Our future work will investigate the phase-ordering problem of allocation and scheduling. This work will be done to determine which phase ordering is most effective. In addition, we will present other heuristics to more efficiently allocate and schedule custom instructions. The automation process will also continue as we develop automated techniques for partitioning and configuration selection, which will be based on integer linear programming and tree pattern matching. Finally, we will develop a set of metrics and a strategy for evaluating the productivity of hardware/software design processes.
In addition to the phase-ordering problem, we will be looking at global allocation and scheduling algorithms that enable us to schedule beyond function boundaries. This will address applications with global timing constraints and to globally minimize the loading/unloading of configurations.
Finally, we will examine the productivity aspects of hardware design and software design processes. Both industries guard their productivity data closely because of the proprietary nature of the industries. So, our analysis will, in all likelihood be based on empirical results, our experiences, and where possible, supporting documentation [5] [18] .
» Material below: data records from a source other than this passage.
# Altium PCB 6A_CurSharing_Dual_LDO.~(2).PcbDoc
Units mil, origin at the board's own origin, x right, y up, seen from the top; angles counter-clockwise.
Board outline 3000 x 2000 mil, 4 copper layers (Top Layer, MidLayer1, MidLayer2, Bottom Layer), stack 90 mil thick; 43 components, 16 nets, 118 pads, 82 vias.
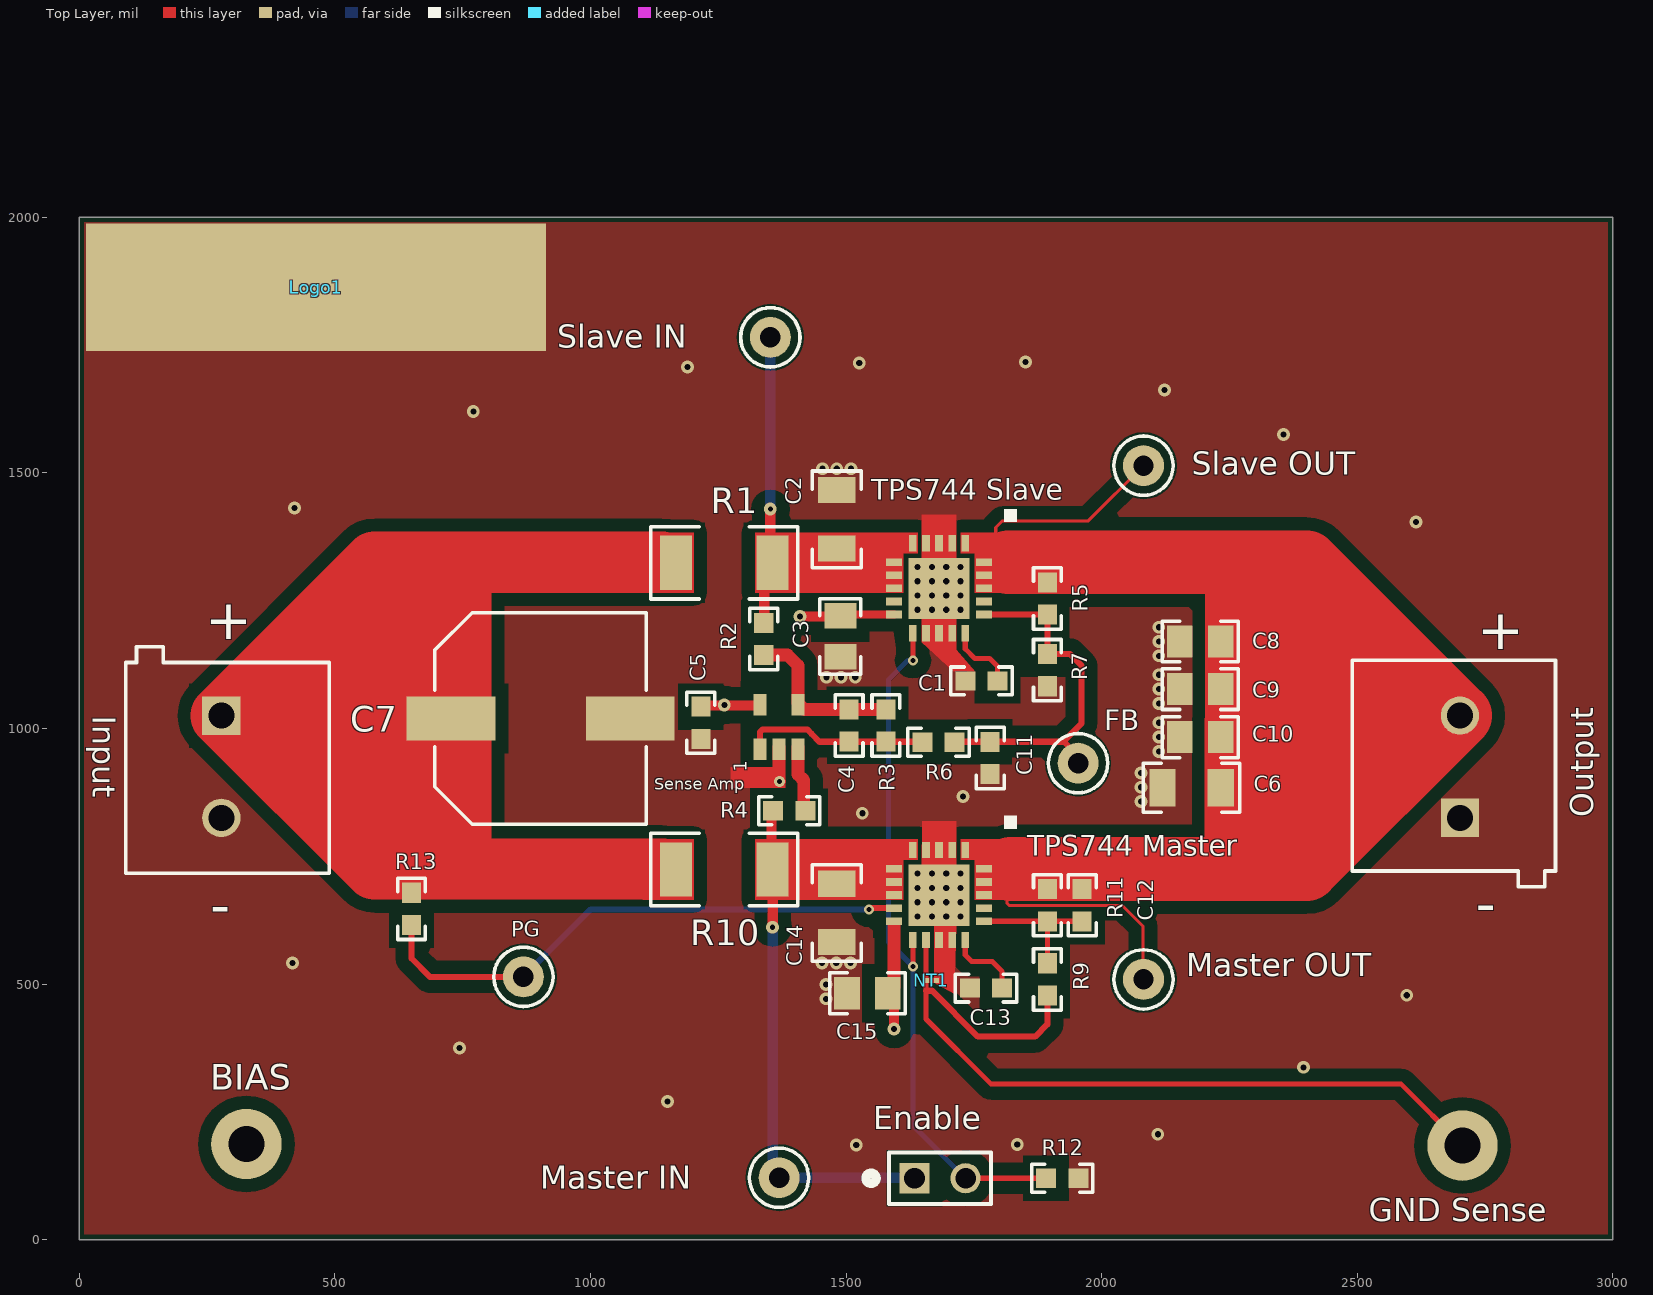
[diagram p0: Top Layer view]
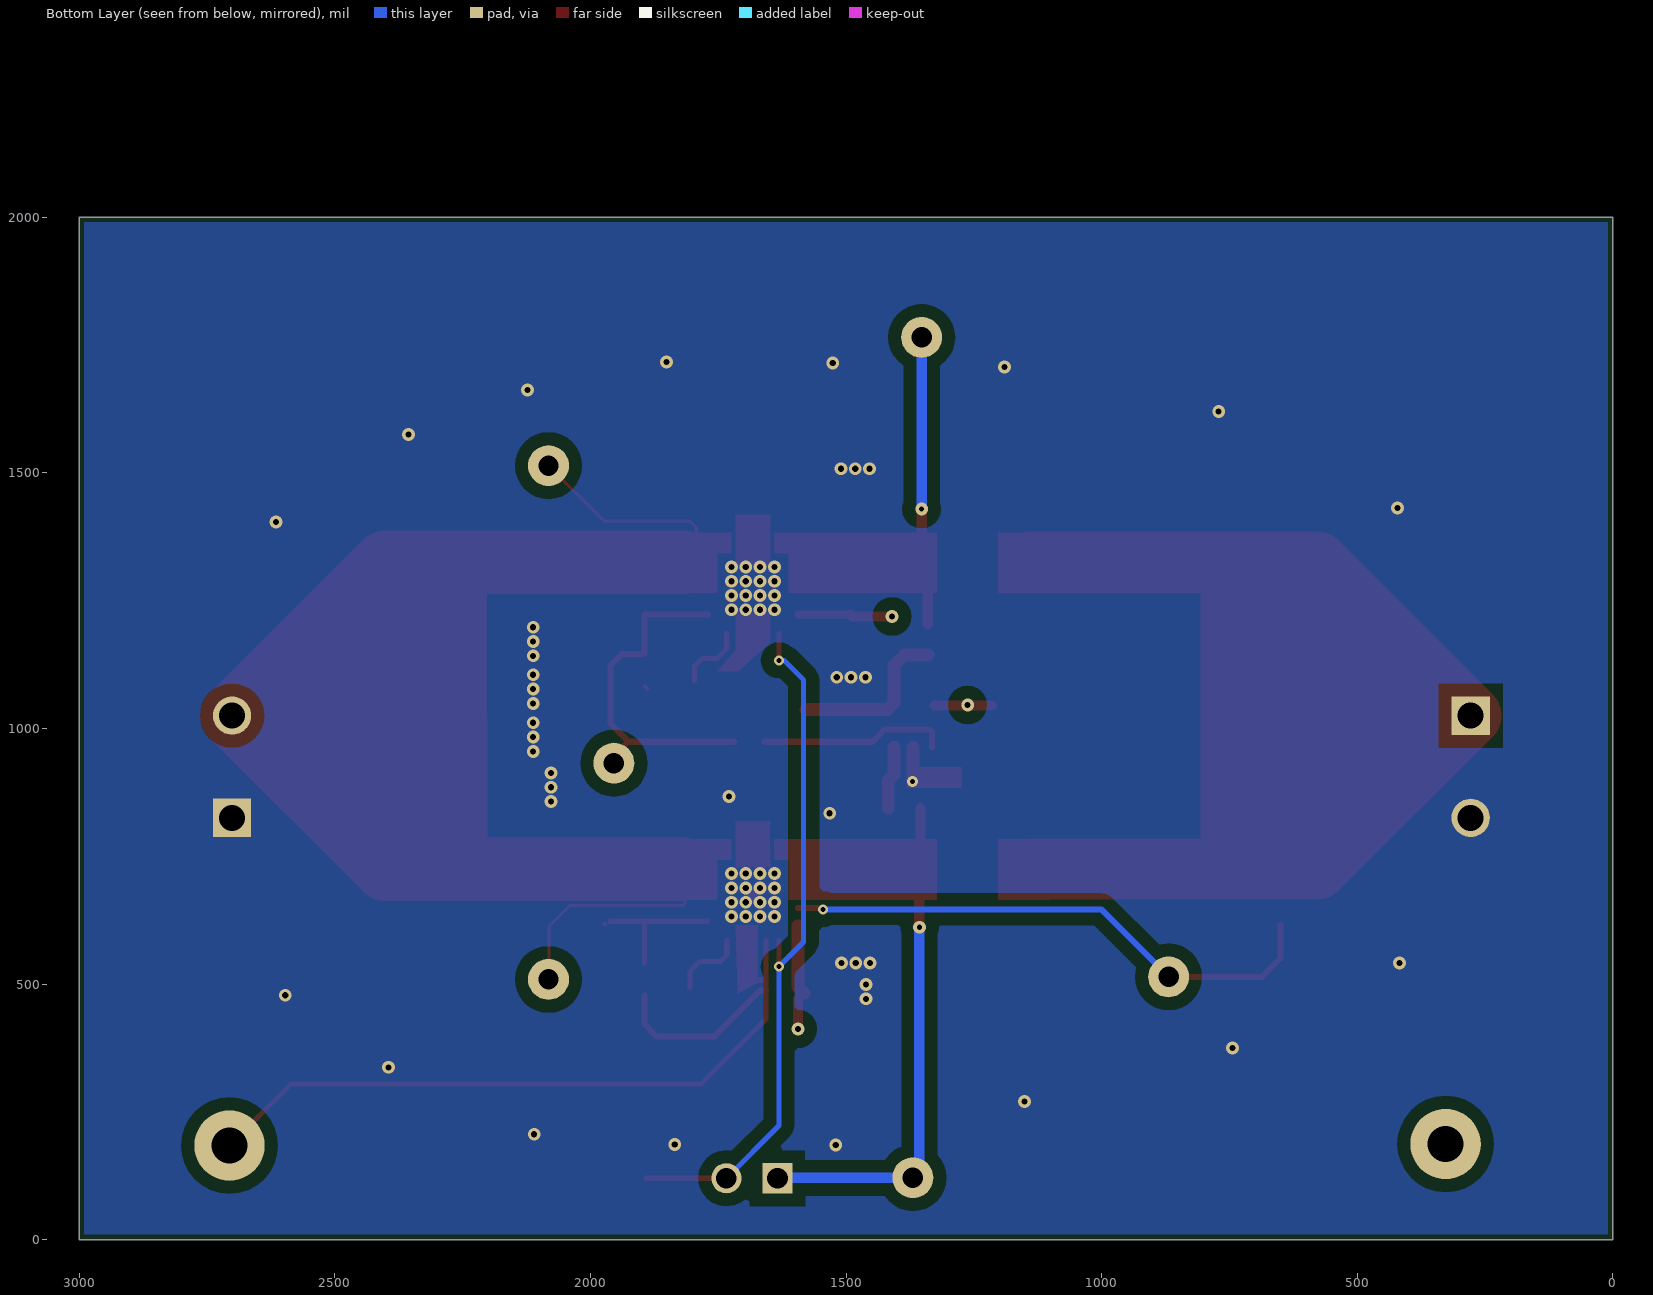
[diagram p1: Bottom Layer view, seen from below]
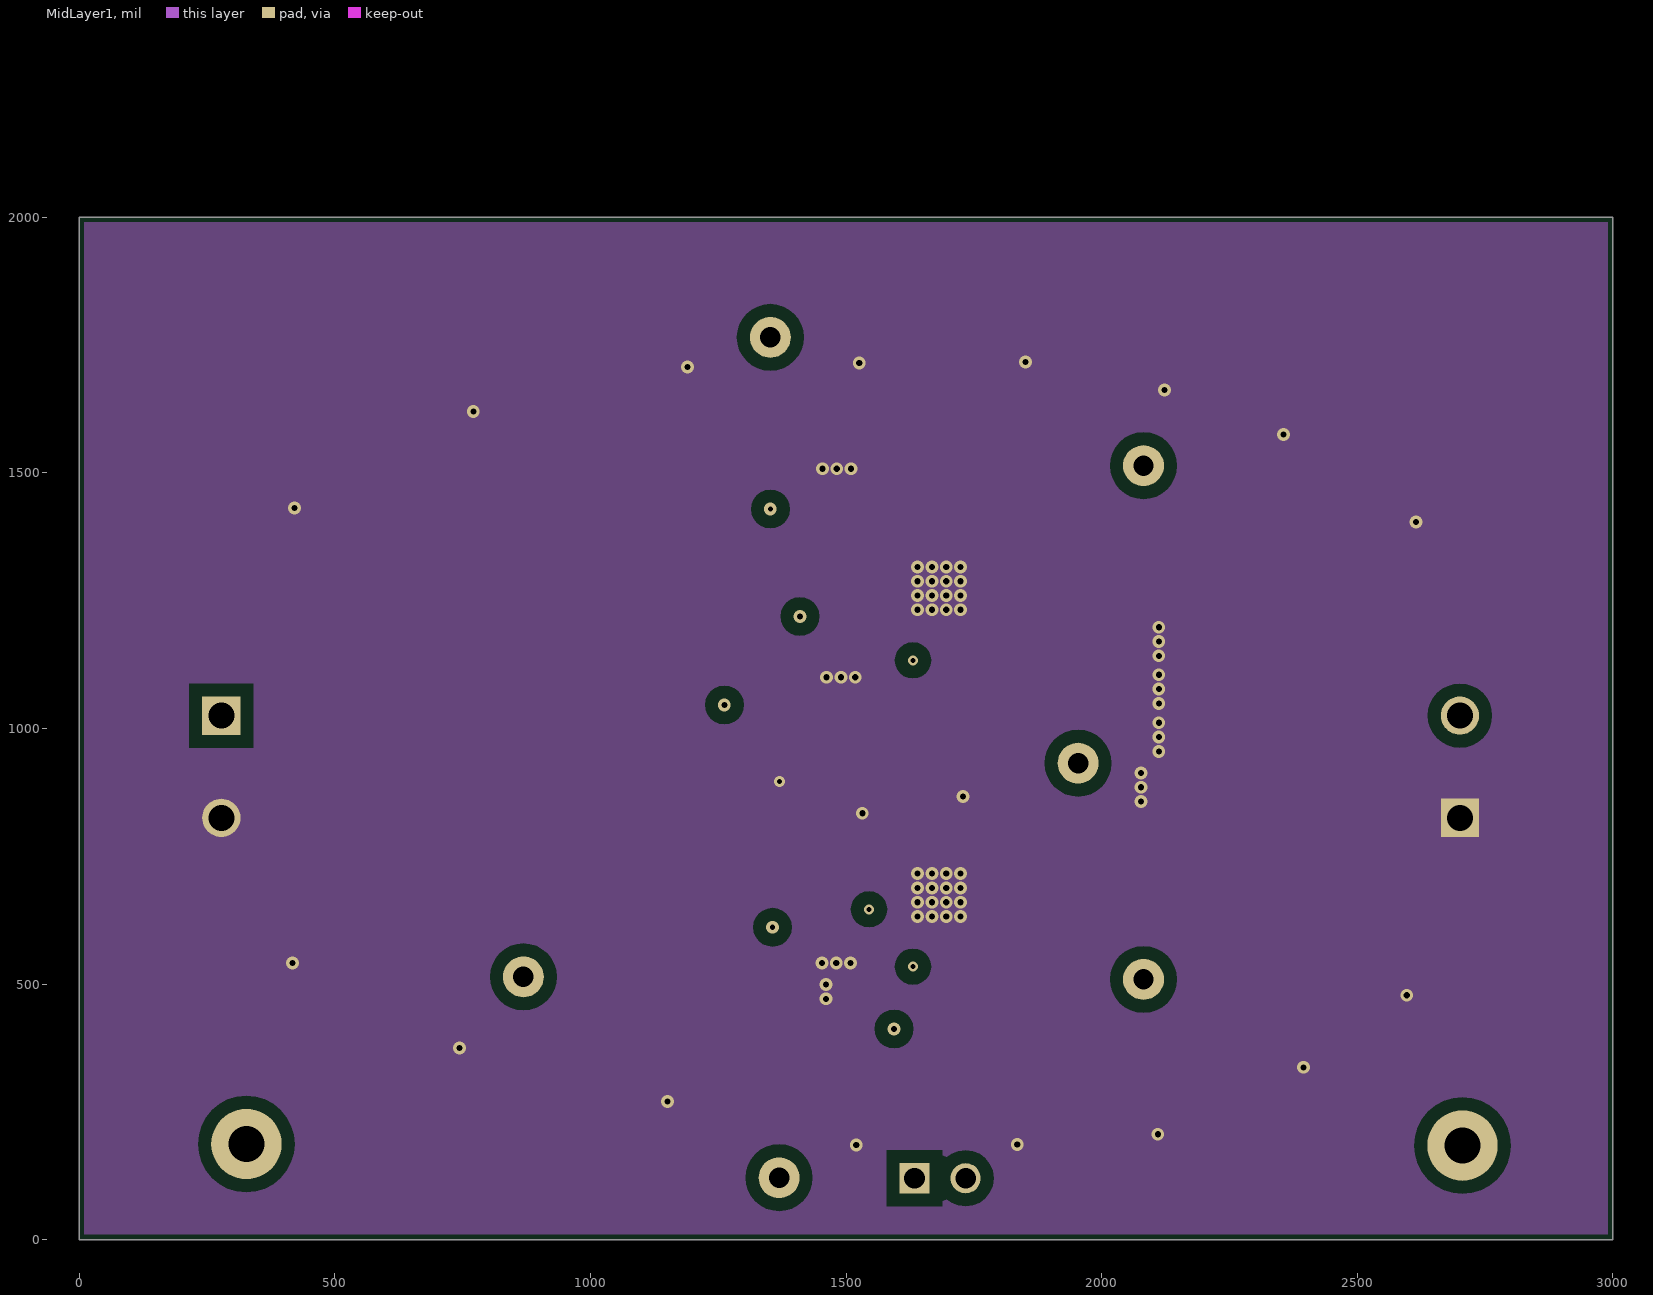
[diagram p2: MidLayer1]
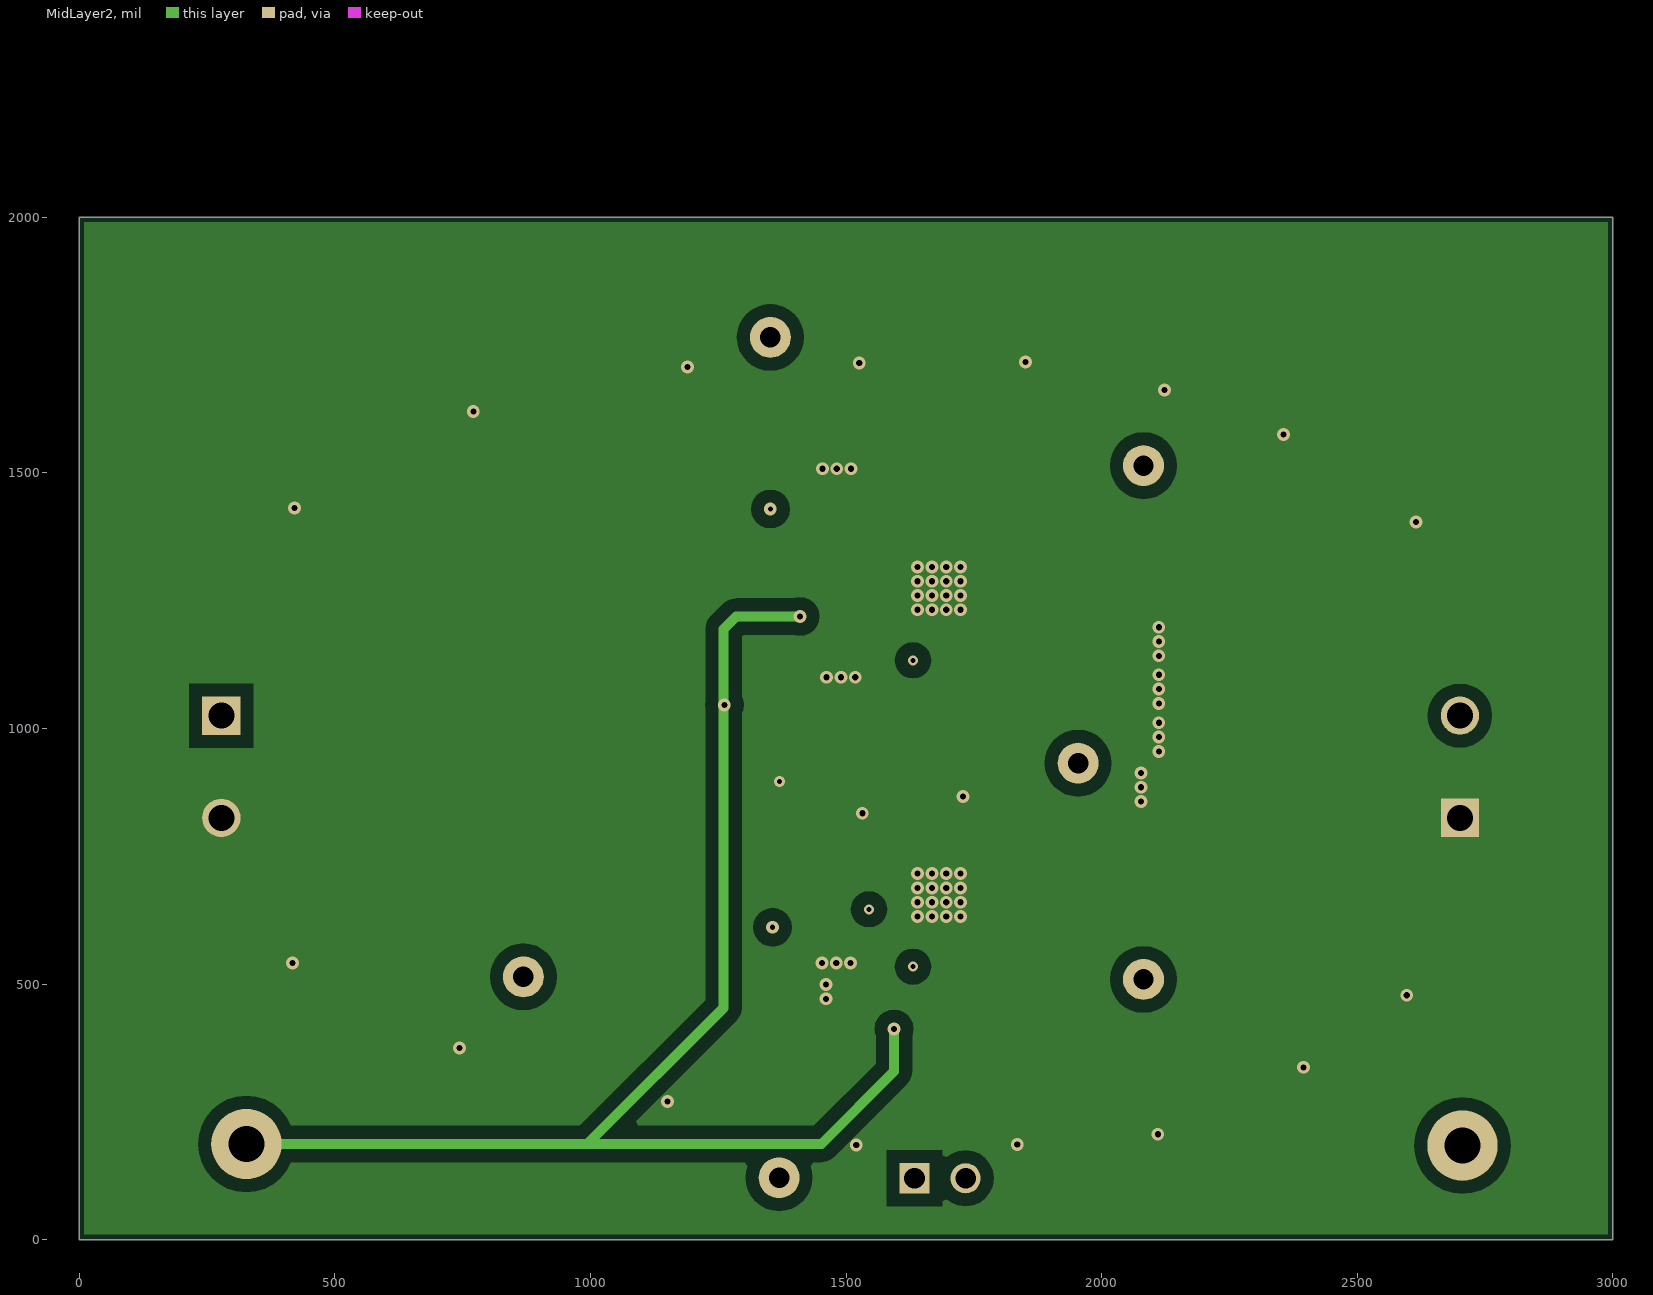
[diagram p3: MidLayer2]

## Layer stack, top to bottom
Top Layer: signal copper 1.4
Dielectric: core 59.2, FR-4, Dk 4.8
MidLayer1: signal copper 1.4
Dielectric: prepreg 12.6, FR-4, Dk 4.8
MidLayer2: signal copper 1.4
Dielectric: core 12.6, FR-4, Dk 4.8
Bottom Layer: signal copper 1.4

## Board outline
0,0 3000,0 3000,2000 0,2000

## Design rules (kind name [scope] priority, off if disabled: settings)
AcuteAngle [All] p1: minimum=4.50000000000000E+0001 checktracksonly=FALSE
AssemblyTestPointUsage [All] p1: valid=2
Clearance Clearance_BoardEdge_MountingHoles [OnCopper and InComponentClass('Mounting Holes') vs IsKeepOut] p1: gap=40
Clearance Clearance_BoardEdge_Poly [OnCopper and InPoly vs IsKeepOut] p2: gap=25
Clearance Clearance_BoardEdge [OnCopper and Not InComponentClass('Logo') and not InComponentClass('FiducialMark') and not InRegion(1000,500,4000,800) and Not IsKeepout vs IsKeepOut] p3: gap=75
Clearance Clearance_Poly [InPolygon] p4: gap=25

When we compare ourselves to tools such as ImpulseC [1] and Celoxica [6] , the latter cases include a synthesis phase in their flow that is consistent with the hardware design process. By contrast in the AEPIC context, the synthesis phase is not required because configurations are synthesized off-line and then the compilationflow only has to make selection decisions. Thus, since synthesis is performed statically ahead of the application development and compilation process, in our approach, the cost of synthesis will be amortized over the development of several custom designs that may reuse the configurations, thus allowing significantly improved design productivity.